[Dataset entries]
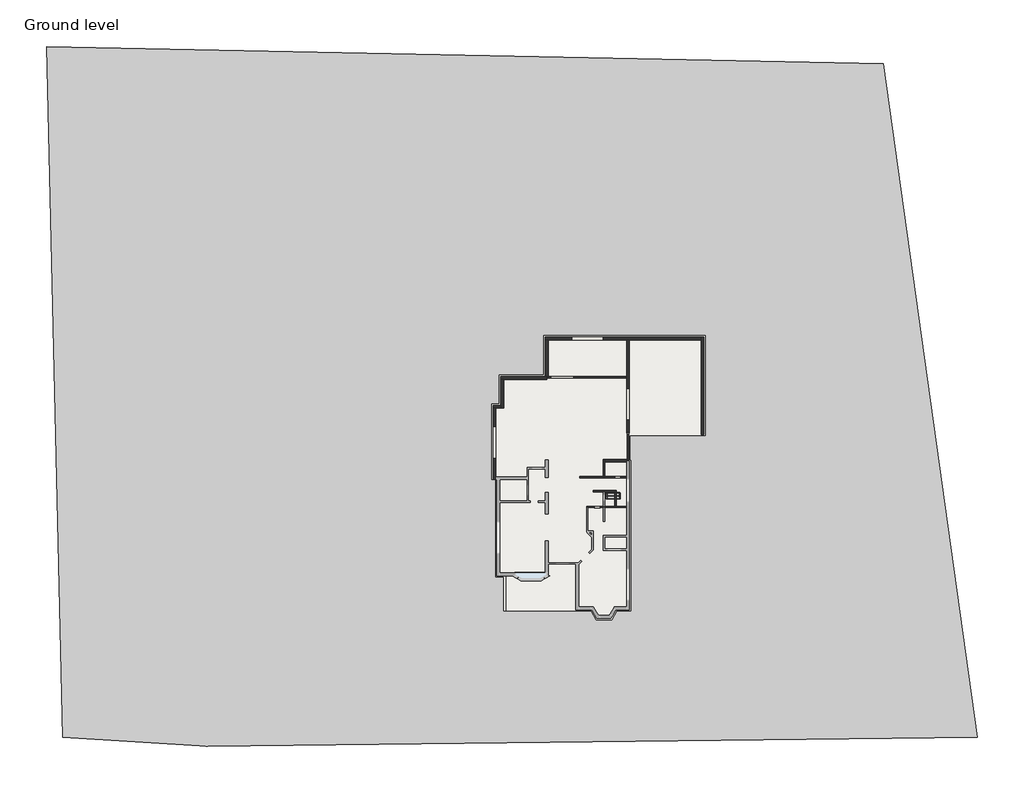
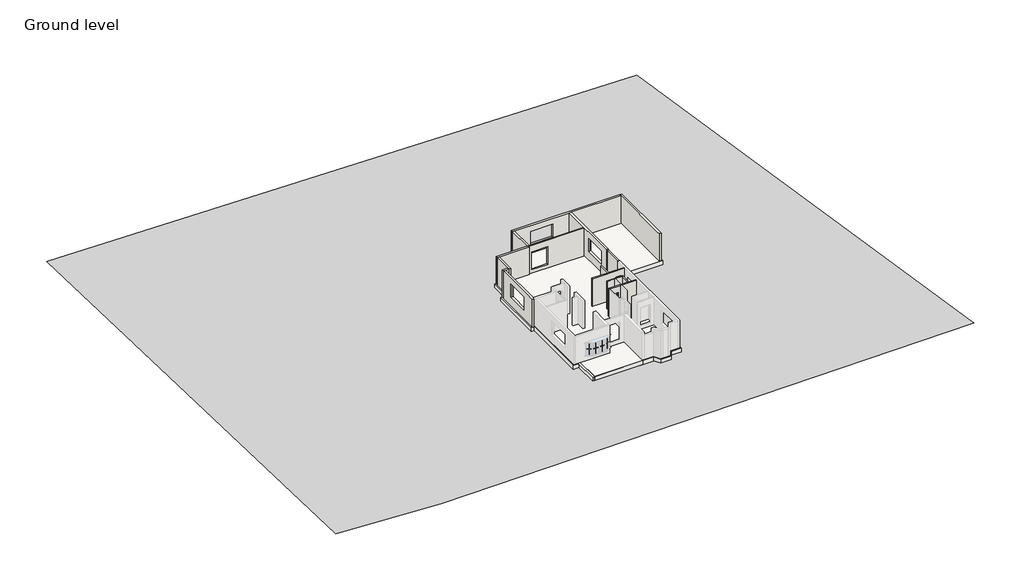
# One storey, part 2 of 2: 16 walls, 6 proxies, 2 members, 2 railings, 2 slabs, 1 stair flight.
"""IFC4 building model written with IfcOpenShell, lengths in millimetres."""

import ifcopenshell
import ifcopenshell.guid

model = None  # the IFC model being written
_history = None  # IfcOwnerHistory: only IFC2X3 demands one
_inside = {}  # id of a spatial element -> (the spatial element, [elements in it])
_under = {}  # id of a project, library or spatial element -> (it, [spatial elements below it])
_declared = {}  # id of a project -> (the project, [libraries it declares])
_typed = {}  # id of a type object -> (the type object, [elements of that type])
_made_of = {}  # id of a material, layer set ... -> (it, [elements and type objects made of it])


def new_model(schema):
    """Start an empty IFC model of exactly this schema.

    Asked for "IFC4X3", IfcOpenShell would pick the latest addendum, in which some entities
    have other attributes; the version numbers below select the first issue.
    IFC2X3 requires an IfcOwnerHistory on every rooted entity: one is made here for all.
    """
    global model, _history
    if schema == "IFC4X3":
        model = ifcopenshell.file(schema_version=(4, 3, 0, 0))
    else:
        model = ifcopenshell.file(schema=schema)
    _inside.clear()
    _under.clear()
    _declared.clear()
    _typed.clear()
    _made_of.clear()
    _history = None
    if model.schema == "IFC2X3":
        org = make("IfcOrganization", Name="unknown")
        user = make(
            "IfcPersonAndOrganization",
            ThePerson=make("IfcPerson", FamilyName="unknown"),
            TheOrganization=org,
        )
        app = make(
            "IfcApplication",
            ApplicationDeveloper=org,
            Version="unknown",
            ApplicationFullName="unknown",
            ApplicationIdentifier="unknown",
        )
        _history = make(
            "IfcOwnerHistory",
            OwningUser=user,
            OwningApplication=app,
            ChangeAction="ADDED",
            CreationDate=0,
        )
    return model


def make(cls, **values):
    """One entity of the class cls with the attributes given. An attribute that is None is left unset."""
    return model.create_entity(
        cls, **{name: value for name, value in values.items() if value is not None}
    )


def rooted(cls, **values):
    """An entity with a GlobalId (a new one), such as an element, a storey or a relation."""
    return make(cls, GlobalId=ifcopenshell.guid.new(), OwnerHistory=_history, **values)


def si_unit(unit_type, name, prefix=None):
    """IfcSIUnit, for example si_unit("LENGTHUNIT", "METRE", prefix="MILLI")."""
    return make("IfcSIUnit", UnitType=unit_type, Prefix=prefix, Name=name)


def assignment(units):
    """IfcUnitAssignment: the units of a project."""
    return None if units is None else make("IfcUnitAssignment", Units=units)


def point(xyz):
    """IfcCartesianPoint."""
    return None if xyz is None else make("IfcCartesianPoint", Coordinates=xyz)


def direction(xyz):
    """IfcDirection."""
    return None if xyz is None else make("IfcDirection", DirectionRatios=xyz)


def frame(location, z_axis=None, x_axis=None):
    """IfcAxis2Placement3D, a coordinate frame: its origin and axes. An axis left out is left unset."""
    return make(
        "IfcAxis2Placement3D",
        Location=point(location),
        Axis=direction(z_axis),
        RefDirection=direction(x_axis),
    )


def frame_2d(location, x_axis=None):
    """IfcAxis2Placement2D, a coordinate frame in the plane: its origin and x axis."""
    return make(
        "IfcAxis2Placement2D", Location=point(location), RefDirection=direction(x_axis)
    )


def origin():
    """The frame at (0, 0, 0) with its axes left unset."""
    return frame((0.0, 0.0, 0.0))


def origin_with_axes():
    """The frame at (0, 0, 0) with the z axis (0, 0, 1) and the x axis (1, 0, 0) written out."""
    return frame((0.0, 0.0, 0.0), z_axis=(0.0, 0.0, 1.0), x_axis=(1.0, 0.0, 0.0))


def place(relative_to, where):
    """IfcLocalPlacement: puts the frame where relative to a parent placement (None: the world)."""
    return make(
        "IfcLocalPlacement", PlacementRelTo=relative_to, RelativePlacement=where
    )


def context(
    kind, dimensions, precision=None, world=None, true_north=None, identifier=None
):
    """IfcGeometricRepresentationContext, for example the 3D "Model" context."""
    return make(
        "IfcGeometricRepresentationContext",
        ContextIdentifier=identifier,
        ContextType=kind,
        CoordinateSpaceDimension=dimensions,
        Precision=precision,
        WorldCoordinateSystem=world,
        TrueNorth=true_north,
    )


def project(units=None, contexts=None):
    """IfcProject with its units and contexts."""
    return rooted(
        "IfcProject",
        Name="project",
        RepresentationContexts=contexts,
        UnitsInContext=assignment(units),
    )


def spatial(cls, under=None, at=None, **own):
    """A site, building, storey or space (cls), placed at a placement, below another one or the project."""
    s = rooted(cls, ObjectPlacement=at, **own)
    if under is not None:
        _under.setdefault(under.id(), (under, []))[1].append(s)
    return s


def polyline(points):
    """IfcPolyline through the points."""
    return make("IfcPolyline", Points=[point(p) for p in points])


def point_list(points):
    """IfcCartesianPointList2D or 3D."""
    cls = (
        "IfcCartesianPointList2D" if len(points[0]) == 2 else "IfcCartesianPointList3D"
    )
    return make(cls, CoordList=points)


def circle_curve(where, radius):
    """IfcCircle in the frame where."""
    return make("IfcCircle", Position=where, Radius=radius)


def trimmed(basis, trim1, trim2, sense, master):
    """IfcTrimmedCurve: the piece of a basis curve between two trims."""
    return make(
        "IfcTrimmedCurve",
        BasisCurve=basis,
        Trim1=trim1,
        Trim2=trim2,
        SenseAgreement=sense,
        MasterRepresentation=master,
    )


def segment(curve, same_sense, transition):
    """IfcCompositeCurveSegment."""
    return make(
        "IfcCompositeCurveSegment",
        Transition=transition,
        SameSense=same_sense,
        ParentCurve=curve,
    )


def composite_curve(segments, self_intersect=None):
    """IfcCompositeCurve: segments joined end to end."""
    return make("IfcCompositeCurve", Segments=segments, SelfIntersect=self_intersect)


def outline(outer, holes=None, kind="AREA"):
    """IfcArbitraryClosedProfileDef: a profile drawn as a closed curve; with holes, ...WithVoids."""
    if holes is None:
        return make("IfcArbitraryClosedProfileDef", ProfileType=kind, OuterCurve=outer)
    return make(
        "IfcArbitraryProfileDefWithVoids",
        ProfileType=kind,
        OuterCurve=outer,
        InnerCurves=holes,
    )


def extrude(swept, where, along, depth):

[What you have to do] Write the full listing out again with every line unchanged, but include no pictures.

[Exercise output]
# One storey, part 2 of 2: 16 walls, 6 proxies, 2 members, 2 railings, 2 slabs, 1 stair flight.
"""IFC4 building model written with IfcOpenShell, lengths in millimetres."""

import ifcopenshell
import ifcopenshell.guid

model = None  # the IFC model being written
_history = None  # IfcOwnerHistory: only IFC2X3 demands one
_inside = {}  # id of a spatial element -> (the spatial element, [elements in it])
_under = {}  # id of a project, library or spatial element -> (it, [spatial elements below it])
_declared = {}  # id of a project -> (the project, [libraries it declares])
_typed = {}  # id of a type object -> (the type object, [elements of that type])
_made_of = {}  # id of a material, layer set ... -> (it, [elements and type objects made of it])


def new_model(schema):
    """Start an empty IFC model of exactly this schema.

    Asked for "IFC4X3", IfcOpenShell would pick the latest addendum, in which some entities
    have other attributes; the version numbers below select the first issue.
    IFC2X3 requires an IfcOwnerHistory on every rooted entity: one is made here for all.
    """
    global model, _history
    if schema == "IFC4X3":
        model = ifcopenshell.file(schema_version=(4, 3, 0, 0))
    else:
        model = ifcopenshell.file(schema=schema)
    _inside.clear()
    _under.clear()
    _declared.clear()
    _typed.clear()
    _made_of.clear()
    _history = None
    if model.schema == "IFC2X3":
        org = make("IfcOrganization", Name="unknown")
        user = make(
            "IfcPersonAndOrganization",
            ThePerson=make("IfcPerson", FamilyName="unknown"),
            TheOrganization=org,
        )
        app = make(
            "IfcApplication",
            ApplicationDeveloper=org,
            Version="unknown",
            ApplicationFullName="unknown",
            ApplicationIdentifier="unknown",
        )
        _history = make(
            "IfcOwnerHistory",
            OwningUser=user,
            OwningApplication=app,
            ChangeAction="ADDED",
            CreationDate=0,
        )
    return model


def make(cls, **values):
    """One entity of the class cls with the attributes given. An attribute that is None is left unset."""
    return model.create_entity(
        cls, **{name: value for name, value in values.items() if value is not None}
    )


def rooted(cls, **values):
    """An entity with a GlobalId (a new one), such as an element, a storey or a relation."""
    return make(cls, GlobalId=ifcopenshell.guid.new(), OwnerHistory=_history, **values)


def si_unit(unit_type, name, prefix=None):
    """IfcSIUnit, for example si_unit("LENGTHUNIT", "METRE", prefix="MILLI")."""
    return make("IfcSIUnit", UnitType=unit_type, Prefix=prefix, Name=name)


def assignment(units):
    """IfcUnitAssignment: the units of a project."""
    return None if units is None else make("IfcUnitAssignment", Units=units)


def point(xyz):
    """IfcCartesianPoint."""
    return None if xyz is None else make("IfcCartesianPoint", Coordinates=xyz)


def direction(xyz):
    """IfcDirection."""
    return None if xyz is None else make("IfcDirection", DirectionRatios=xyz)


def frame(location, z_axis=None, x_axis=None):
    """IfcAxis2Placement3D, a coordinate frame: its origin and axes. An axis left out is left unset."""
    return make(
        "IfcAxis2Placement3D",
        Location=point(location),
        Axis=direction(z_axis),
        RefDirection=direction(x_axis),
    )


def frame_2d(location, x_axis=None):
    """IfcAxis2Placement2D, a coordinate frame in the plane: its origin and x axis."""
    return make(
        "IfcAxis2Placement2D", Location=point(location), RefDirection=direction(x_axis)
    )


def origin():
    """The frame at (0, 0, 0) with its axes left unset."""
    return frame((0.0, 0.0, 0.0))


def origin_with_axes():
    """The frame at (0, 0, 0) with the z axis (0, 0, 1) and the x axis (1, 0, 0) written out."""
    return frame((0.0, 0.0, 0.0), z_axis=(0.0, 0.0, 1.0), x_axis=(1.0, 0.0, 0.0))


def place(relative_to, where):
    """IfcLocalPlacement: puts the frame where relative to a parent placement (None: the world)."""
    return make(
        "IfcLocalPlacement", PlacementRelTo=relative_to, RelativePlacement=where
    )


def context(
    kind, dimensions, precision=None, world=None, true_north=None, identifier=None
):
    """IfcGeometricRepresentationContext, for example the 3D "Model" context."""
    return make(
        "IfcGeometricRepresentationContext",
        ContextIdentifier=identifier,
        ContextType=kind,
        CoordinateSpaceDimension=dimensions,
        Precision=precision,
        WorldCoordinateSystem=world,
        TrueNorth=true_north,
    )


def project(units=None, contexts=None):
    """IfcProject with its units and contexts."""
    return rooted(
        "IfcProject",
        Name="project",
        RepresentationContexts=contexts,
        UnitsInContext=assignment(units),
    )


def spatial(cls, under=None, at=None, **own):
    """A site, building, storey or space (cls), placed at a placement, below another one or the project."""
    s = rooted(cls, ObjectPlacement=at, **own)
    if under is not None:
        _under.setdefault(under.id(), (under, []))[1].append(s)
    return s


def polyline(points):
    """IfcPolyline through the points."""
    return make("IfcPolyline", Points=[point(p) for p in points])


def point_list(points):
    """IfcCartesianPointList2D or 3D."""
    cls = (
        "IfcCartesianPointList2D" if len(points[0]) == 2 else "IfcCartesianPointList3D"
    )
    return make(cls, CoordList=points)


def circle_curve(where, radius):
    """IfcCircle in the frame where."""
    return make("IfcCircle", Position=where, Radius=radius)


def trimmed(basis, trim1, trim2, sense, master):
    """IfcTrimmedCurve: the piece of a basis curve between two trims."""
    return make(
        "IfcTrimmedCurve",
        BasisCurve=basis,
        Trim1=trim1,
        Trim2=trim2,
        SenseAgreement=sense,
        MasterRepresentation=master,
    )


def segment(curve, same_sense, transition):
    """IfcCompositeCurveSegment."""
    return make(
        "IfcCompositeCurveSegment",
        Transition=transition,
        SameSense=same_sense,
        ParentCurve=curve,
    )


def composite_curve(segments, self_intersect=None):
    """IfcCompositeCurve: segments joined end to end."""
    return make("IfcCompositeCurve", Segments=segments, SelfIntersect=self_intersect)


def outline(outer, holes=None, kind="AREA"):
    """IfcArbitraryClosedProfileDef: a profile drawn as a closed curve; with holes, ...WithVoids."""
    if holes is None:
        return make("IfcArbitraryClosedProfileDef", ProfileType=kind, OuterCurve=outer)
    return make(
        "IfcArbitraryProfileDefWithVoids",
        ProfileType=kind,
        OuterCurve=outer,
        InnerCurves=holes,
    )


def extrude(swept, where, along, depth):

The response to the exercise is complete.